Start jvisualvm command Select the corresponding process to view the deadlocked thread

Jstack analyzes the stack information of threads with high CPU usage

Start a while loop to make the CPU Keep working

1. top -p /pid: Check the resource usage of the process

It is obvious that the process causes the CPU usage to be almost 100%.

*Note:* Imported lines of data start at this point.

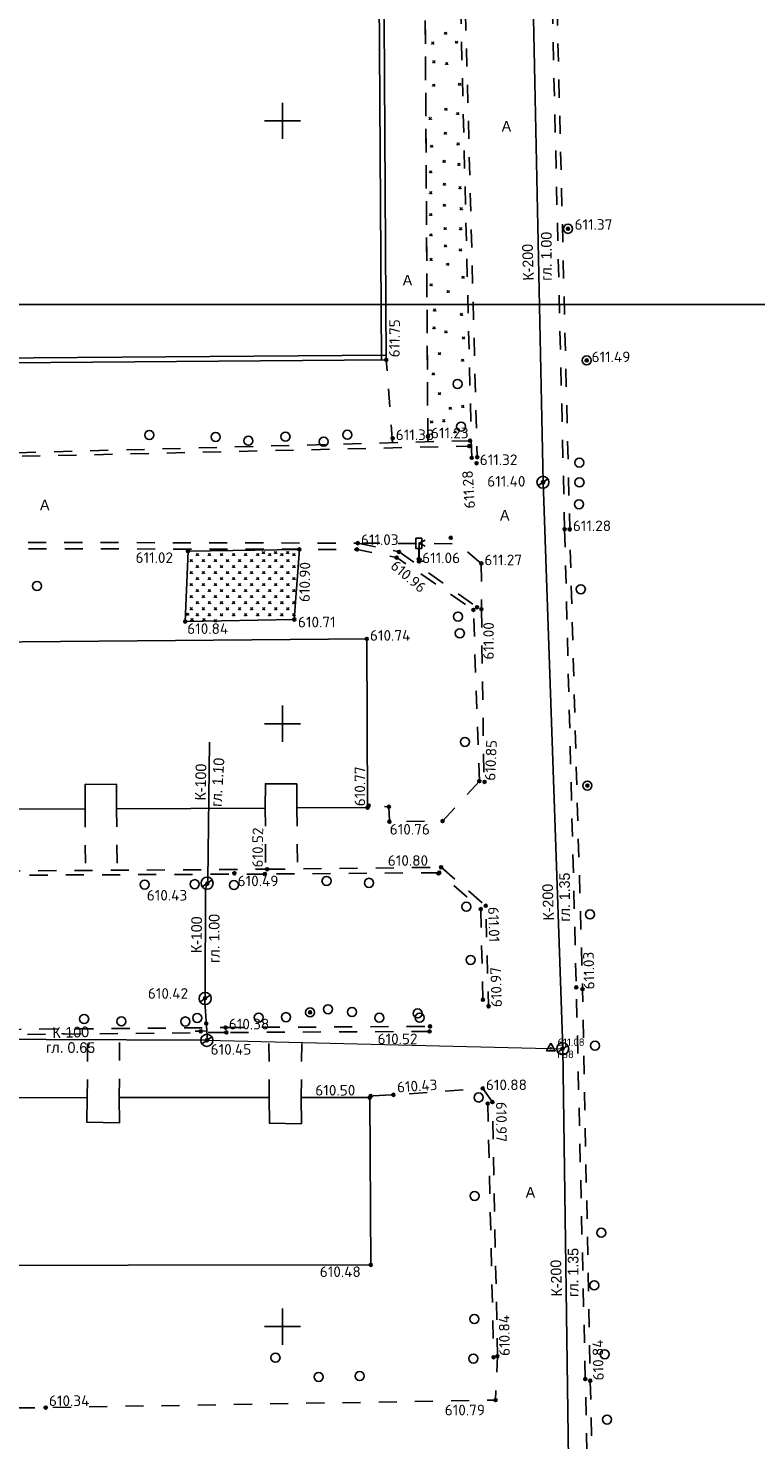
# Model space of a CAD drawing. Header units: metres. Extents: x 550378 to 551400, y 4595394 to 4596257.
# Tile 29 of 43: x 550979 to 551039, y 4595941 to 4596058. Entities that reach past the tile are written whole.
import ezdxf

# ---------------------------------------------------------------- set-up
doc = ezdxf.new("R2010")
doc.units = ezdxf.units.M
doc.header["$PDMODE"] = 32
doc.header["$PDSIZE"] = 0.25
doc.linetypes.add('Д_ТРОТ_ТРУБА', pattern=[3, 1.5, -1.5])
for name, color, linetype in [('(001) Сетка', 92, 'Continuous'), ('(003) Пункты', 7, 'Continuous'), ('(007) Здания', 7, 'Continuous'), ('(011) Колодцы', 7, 'Continuous'), ('(017) Канализация', 32, 'KANALIS_K_1'), ('(025) Дорога', 7, 'Continuous'), ('(026) Д_знаки', 7, 'Continuous'), ('(036) Растительность', 7, 'Continuous'), ('(038) Деревья', 7, 'Continuous'), ('(040) Ограда', 7, 'Continuous'), ('V-CTRL-HCPT', 150, 'Continuous'), ('V-NODE', 1, 'Continuous'), ('V-NODE-TEXT', 11, 'Continuous')]:
    doc.layers.add(name, color=color, linetype=linetype)
doc.styles.add('BM-431', font='txt')
doc.styles.add('D-431', font='txt')
doc.styles.add('S', font='txtwr', dxfattribs={"oblique": 15})
doc.styles.get("Standard").update_dxf_attribs({"font": 'simplex.shx'})
doc.linetypes.add('KANALIS_K', pattern='A,1,["<",Standard,S=1.8,R=0,X=-0.9,Y=-0.9],3,-1,["К",Standard,S=1.8,R=0,X=-0.9,Y=-0.9],-1,10', length=16)
doc.linetypes.add('KANALIS_K_1', pattern='A,1,[">",Standard,S=1.8,R=0,X=-0.9,Y=-0.9],3,-1,["К",Standard,S=1.8,R=0,X=-0.9,Y=-0.9],-1,10', length=16)
doc.linetypes.add('ОГРАДА_ГЛИН', pattern='A,4,["|",Standard,S=0.8,R=0,X=0,Y=-0.8],0.5,["|",Standard,S=0.8,R=0,X=0,Y=-0.8],3.5', length=8)

# ---------------------------------------------------------------- blocks, each defined once
blk = doc.blocks.new('1_416')
at = {"linetype": 'Continuous', "lineweight": 0}
h = blk.add_hatch(color=7, dxfattribs=at)
edge = h.paths.add_edge_path()
edge.add_arc((-0.4, 0.19), 0.075, 0, 360)
h = blk.add_hatch(color=7, dxfattribs=at)
edge = h.paths.add_edge_path()
edge.add_arc((0.45, 0.19), 0.075, 0, 360)
at = {"color": 7, "linetype": 'Continuous', "lineweight": 0, "flags": 128}
blk.add_lwpolyline([(-0.48, 1.12), (0.02, 0.12), (0.52, 1.12)], dxfattribs=at)
at = {"color": 7, "linetype": 'Continuous', "lineweight": 0}
for centre in [(-0.4, 0.19), (0.45, 0.19)]:
    blk.add_circle(centre, 0.075, dxfattribs=at)
blk = doc.blocks.new('I01171')
blk.add_line((-0.722283, 0.697501), (0.702286, -0.69785))
blk.add_circle((0, 0), 1)
at = {"color": 4, "style": 'S', "oblique": 15}
blk.add_attdef('Z', (1.616431, -1.093486), '', height=2, dxfattribs=at)
blk = doc.blocks.new('d')
at = {"layer": '(038) Деревья'}
blk.add_ellipse((0, 0), major_axis=(0.265, 0.265), ratio=1, start_param=5.497787, end_param=11.780972, dxfattribs=at)
blk = doc.blocks.new('I02063')
at = {"linetype": 'Continuous'}
blk.add_lwpolyline([(-0.5, 3.5), (-0.5, 1.8), (0.5, 1.8), (0.5, 3.5)], close=True, dxfattribs=at)
blk.add_lwpolyline([(0.5, 0), (0, 0), (0, 1.8)], dxfattribs=at)
at = {"color": 4, "style": 'S', "oblique": 15}
blk.add_attdef('Z', (1.280972, -0.066143), '', height=2, dxfattribs=at)
blk = doc.blocks.new('I02062')
at = {"linetype": 'Continuous'}
for points in [[(1, 3.5), (0, 3), (1, 2.5)], [(0, 3), (0, 0), (0.8, 0)]]:
    blk.add_lwpolyline(points, dxfattribs=at)
at = {"color": 4, "style": 'S', "oblique": 15}
blk.add_attdef('Z', (1.778249, -0.193057), '', height=2, dxfattribs=at)
blk = doc.blocks.new('STA')
blk.add_lwpolyline([(0, 1), (-0.87, -0.5), (0.87, -0.5)], close=True)
blk.add_circle((0, 0), 0.118)
blk = doc.blocks.new('*U338', base_point=(551022.4, 4595973.08, 611.08))
at = {"layer": 'V-NODE-TEXT', "linetype": 'ByBlock', "char_height": 0.625}
for s, insert, attachment_point in [('611.08', (551022.94, 4595973.27, 611.08), 7), ('rp8', (551022.94, 4595972.89, 611.08), 1)]:
    blk.add_mtext(s, dxfattribs=dict(at, insert=insert, attachment_point=attachment_point))
blk = doc.blocks.new('*U339', base_point=(551022.396, 4595973.078, 611.08))
at = {"layer": 'V-CTRL-HCPT'}
blk.add_blockref('*U338', (551022.396, 4595973.078, 611.08), dxfattribs=at)
blk = doc.blocks.new('*U340', base_point=(551022.396, 4595973.078, 611.08))
at = {"layer": 'V-CTRL-HCPT'}
blk.add_blockref('*U339', (551022.396, 4595973.078, 611.08), dxfattribs=at)
at = {"layer": 'V-CTRL-HCPT', "xscale": 0.4166666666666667, "yscale": 0.4166666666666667, "zscale": 0.4166666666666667}
blk.add_blockref('STA', (551022.396, 4595973.078, 611.08), dxfattribs=at)

msp = doc.modelspace()

# ---------------------------------------------------------------- linework, layer by layer
at = {"layer": '(001) Сетка'}
for p, q in [((551000.15, 4596051.5), (551000.15, 4596048.5)), ((550998.65, 4596050), (551001.65, 4596050)), ((551000.15, 4596001.5), (551000.15, 4595998.5)), ((550998.65, 4596000), (551001.65, 4596000)), ((551000.15, 4595951.5), (551000.15, 4595948.5)), ((550998.65, 4595950), (551001.65, 4595950))]:
    msp.add_line(p, q, dxfattribs=at)
at = {"layer": '(003) Пункты', "color": 7}
for p in [(551023.82, 4596041.04, 611.37), (551008.75, 4596030.17, 611.75), (551025.37, 4596030.13, 611.49), (551009.28, 4596023.67, 611.38), (551012.2, 4596023.83, 611.23), (551015.63, 4596023.02, 611.26), (551015.7, 4596023.47, 611.56), (551015.84, 4596022.05, 611.27), (551016.29, 4596022.1, 611.25), (551016.24, 4596021.6, 611.32), (551021.75, 4596020.03, 615.4), (551021.76, 4596020.02, 611.39), (551023.54, 4596016.13, 611.31), (551023.96, 4596016.12, 611.28), (551006.39, 4596014.97, 611.03), (551014.1, 4596015.42, 611.24), (550992.32, 4596014.31, 611.01), (551001.55, 4596014.45, 610.9), (551006.33, 4596014.45, 610.96), (551009.62, 4596013.78, 610.96), (551009.81, 4596014.25, 611.11), (551011.45, 4596013.63, 611.1), (551011.47, 4596013.46, 611.06), (551016.63, 4596013.29, 611.27), (551015.98, 4596009.44, 610.9), (551016.28, 4596009.66, 611.03), (551016.64, 4596009.49, 611), (550992.09, 4596008.47, 610.84), (551001.13, 4596008.64, 610.71), (551007.14, 4596007.03, 610.74), (551016.47, 4595995.24, 610.8), (551016.9, 4595995.17, 610.85), (551025.43, 4595994.87, 611.21), (551007.2, 4595993.04, 610.77), (551007.3, 4595993.21, 610.75), (551008.97, 4595993.11, 610.79), (551009.02, 4595991.87, 610.76), (551013.42, 4595991.92, 610.82), (550998.88, 4595987.93, 610.52), (551013.3, 4595988.09, 610.8), (550993.93, 4595986.74, 610.43), (550996.16, 4595987.59, 610.49), (550998.69, 4595987.53, 610.56), (551013.08, 4595987.58, 610.73), (551013.14, 4595987.64, 610.71), (551016.59, 4595984.62, 610.87), (551017, 4595984.9, 611.01), (550993.74, 4595977.23, 4.01), (551024.5, 4595978.13, 611.02), (551025.02, 4595977.99, 611.03), (551002.44, 4595976.06, 611.24), (551016.76, 4595977.11, 610.9), (551017.23, 4595976.56, 610.97), (550993.83, 4595975.14, 609.79), (551012.38, 4595974.9, 610.52), (550993.38, 4595974.49, 609.8), (550993.88, 4595973.74, 610.45), (550993.88, 4595973.75, 614.46), (550995.44, 4595974.8, 610.38), (550995.5, 4595974.39, 610.4), (551012.34, 4595974.48, 610.51), (551023.38, 4595973.06, 1226.46), (551023.38, 4595973.06, 611.07), (551007.39, 4595968.99, 610.5), (551007.46, 4595969.12, 610.47), (551009.35, 4595969.22, 610.43), (551016.75, 4595969.75, 610.88), (551017.17, 4595968.5, 610.96), (551017.55, 4595968.62, 610.97), (551007.47, 4595955.12, 610.48), (551017.65, 4595947.46, 610.78), (551017.97, 4595947.55, 610.84), (551025.25, 4595945.65, 610.84), (551025.66, 4595945.51, 610.84), (550980.52, 4595943.28, 610.34), (551017.81, 4595943.9, 610.79)]:
    msp.add_point(p, dxfattribs=at)
at = {"layer": '(007) Здания', "flags": 128}
for points in [[(550944.59, 4596172.77), (551007.31, 4596171.97), (551007.6, 4596130.95), (551008.03, 4596081.77), (551008.35, 4596030.17)], [(550947.03, 4595992.77), (550946.8, 4596006.51), (551007.14, 4596007.03), (551007.2, 4595993.04)], [(550971.05, 4595968.98), (550983.97, 4595968.99), (550983.93, 4595966.96), (550986.63, 4595966.89), (550986.62, 4595968.99), (550999.05, 4595968.99), (550999.07, 4595966.86), (551001.72, 4595966.82), (551001.71, 4595968.99), (551007.39, 4595968.99), (551007.47, 4595955.12), (550947.12, 4595955.04), (550947.13, 4595968.98), (550953.94, 4595968.98), (550954.02, 4595966.88), (550956.37, 4595966.81), (550956.37, 4595968.99)], [(550953.94, 4595968.98), (550947.13, 4595968.98), (550947.12, 4595955.04), (551007.47, 4595955.12), (551007.39, 4595968.99), (551001.71, 4595968.99)], [(550999.05, 4595968.99), (550986.62, 4595968.99)]]:
    msp.add_lwpolyline(points, dxfattribs=at)
at = {"layer": '(007) Здания', "linetype": 'ByBlock'}
msp.add_lwpolyline([(550944.9, 4596147.59), (550945.35, 4596108.7), (550946.2, 4596029.68), (551008.75, 4596030.17)], dxfattribs=at)
at = {"layer": '(007) Здания', "linetype": 'ByBlock', "flags": 128}
msp.add_lwpolyline([(551008.75, 4596030.17), (551008.43, 4596081.78)], dxfattribs=at)
at = {"layer": '(007) Здания', "flags": 128}
msp.add_lwpolyline([(550953.42, 4595992.79), (550947.03, 4595992.77), (550946.8, 4596006.51), (551007.14, 4596007.03), (551007.2, 4595993.04), (551001.34, 4595993.01), (551001.33, 4595995.01), (550998.73, 4595995.02), (550998.72, 4595993), (550986.4, 4595992.94), (550986.4, 4595994.97), (550983.8, 4595994.98), (550983.79, 4595992.93), (550970.85, 4595992.87), (550970.84, 4595994.93), (550968.24, 4595994.94), (550968.23, 4595992.86), (550956.04, 4595992.81), (550956.03, 4595994.89), (550953.43, 4595994.9)], close=True, dxfattribs=at)
at = {"layer": '(017) Канализация', "linetype": 'KANALIS_K', "flags": 128}
for points in [[(550897.67, 4595855.44), (550990.49, 4595851.98), (551027.32, 4595860.36), (551027.32, 4595860.36), (551025.03, 4595893.49), (551025.05, 4595894.32), (551023.88, 4595934.05), (551023.92, 4595934.98), (551023.38, 4595973.06), (551023.38, 4595973.06), (551021.75, 4596020.03), (551021.75, 4596020.03), (551020.91, 4596061.18), (551020.83, 4596061.97), (551020.37, 4596101.34), (551020.37, 4596101.34), (551020.37, 4596101.34), (551019.3, 4596142.97), (551019.3, 4596142.97), (551018.01, 4596183.47), (551018.01, 4596183.47), (551017.51, 4596219.32)], [(550993.93, 4595973.74), (550993.71, 4595976.94), (550993.74, 4595977.43), (550993.76, 4595986.24), (550993.96, 4595987.01), (550994.11, 4595998.47)], [(550993.88, 4595973.75), (550960.53, 4595973.89)]]:
    msp.add_lwpolyline(points, dxfattribs=at)
at = {"layer": '(017) Канализация', "lineweight": 0, "elevation": 610.45, "flags": 128}
msp.add_lwpolyline([(550993.88, 4595973.74), (551023.38, 4595973.04)], dxfattribs=at)
at = {"layer": '(025) Дорога', "linetype": 'Д_ТРОТ_ТРУБА', "flags": 128}
for points in [[(551012.2, 4596023.83), (551011.22, 4596179.14)], [(551012.2, 4596023.38), (551011.22, 4596179.14)], [(551015.84, 4596022.05), (551014.18, 4596089.16), (551013.05, 4596128.18)], [(551015.84, 4596022.05), (551014.18, 4596089.16)], [(551014.53, 4596088.98), (551016.29, 4596022.1)], [(551022.4, 4596089.41), (551022.84, 4596062.44), (551023.96, 4596016.12), (551025.02, 4595977.99), (551025.66, 4595945.51), (551026.57, 4595909)], [(550938.74, 4596066.11), (550939.04, 4596021.64), (550973.22, 4596022.05), (551015.63, 4596023.02)], [(551015.7, 4596023.47), (550973.24, 4596022.34), (550939.2, 4596022.09), (550939.17, 4596066.15)], [(551022.44, 4596062.53), (551023.54, 4596016.13)], [(551009.28, 4596023.32), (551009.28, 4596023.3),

2. Press H to view the resources occupied by each thread in the process

#3. Find the PID column that uses nearly 100% of the CPU, indicating the thread tid is 5027, convert it to hexadecimal to 13a3 through the converter,

4. Execute jstack 5026|grep -A 10 13a3 through jstack command, you can get the stack information of thread tid 13a3, and then find the cause Execution line number with 100% CPU usage

##jinfo View jvm system parameters

jinfo -flags /pid: View jvm parameters

jinfo -sysprops /pid: View the system parameters of java

##Jstat View the amount of heap memory usage and class loading information

jstat -gc /pid: Garbage collection statistics

S0C: The size of the first survivor area, in KB; S1C: The size of the second survivor area; S0U: The used size of the first survivor area; S1U: the used size of the second survivor area; EC: the size of the Eden Garden; EU: the used size of the Eden Garden; OC: the old generation size; OU: the used size of the old generation; MC: Method area size (metaspace); MU: method area usage size; CCSC: compressed class space size; CCSU: compressed class space usage size; YGC: number of young generation garbage collections; YGCT: young generation garbage collection consumption time, unit s; FGC: Number of old generation garbage collections; FGCT: Old generation garbage collection time consumption, unit s; GCT: Total garbage collection time consumption, unit s

jstat -gccapacity/pid: Heap memory statistics

NGCMN: the minimum capacity of the new generation; NGCMX: the maximum capacity of the new generation; NGC: the current capacity of the new generation; S0C: the size of the first survivor area; S1C: the size of the second survivor area; EC: the size of Eden Garden; OGCMN: the minimum capacity of the old generation; OGCMX: the maximum capacity of the old generation; OGC: the current old generation size; OC: the current old generation size; MCMN: the minimum metadata capacity; MCMX: the maximum metadata capacity; MC : Current metadata space size; CCSMN: Minimum compression class space size; CCSMX: Maximum compression class space size; CCSC: Current compression class space size; YGC: Number of young generation GCs; FGC: Number of old generation GCs

jstat -gcnew /pid: View the new generation garbage collection statistics

TT: The number of times an object survives in the new generation; MTT: The maximum number of times an object survives in the new generation; DSS: Expected survivor area size

jstat -gcnewcapacity/pid: Check the new generation memory capacity

S0CMX: Maximum survivor area size 1; S1CMX: Maximum survivor area 2 Zone size; ECMX: Maximum Eden Zone size

jstat -gcold /pid: View old generation garbage collection statistics

##jstat -gcoldcapacity/pid: View old generation garbage collection statistics Memory capacity

jstat -gcmetacapacity/pid: View metadata space statistics

You can optimize the startup parameters of java applications through the jstat gc -pid command. jstat -gc pid 1000 10 (execute the command every 1 second, 10 times in total) to estimate how many new objects will be added to the Eden area per second. The time can be adjusted based on specific results. In fact, the optimization idea is simply to try to make the surviving objects after each Young GC less than 50% of the Survivor area, and keep them in the young generation. Try not to let the object enter the old age. Try to reduce the frequency of Full GC as much as possible to avoid the impact of frequent Full GC on JVM performance.

Memory Leak

For some old data, such as jvm-level memory is not cleaned up in time, resulting in more and more data being piled up. Over time, full gc will be frequently caused, thus causing memory loss. leakage. You can use the mature cache architecture ehcache, which has implemented LRU data elimination strategy.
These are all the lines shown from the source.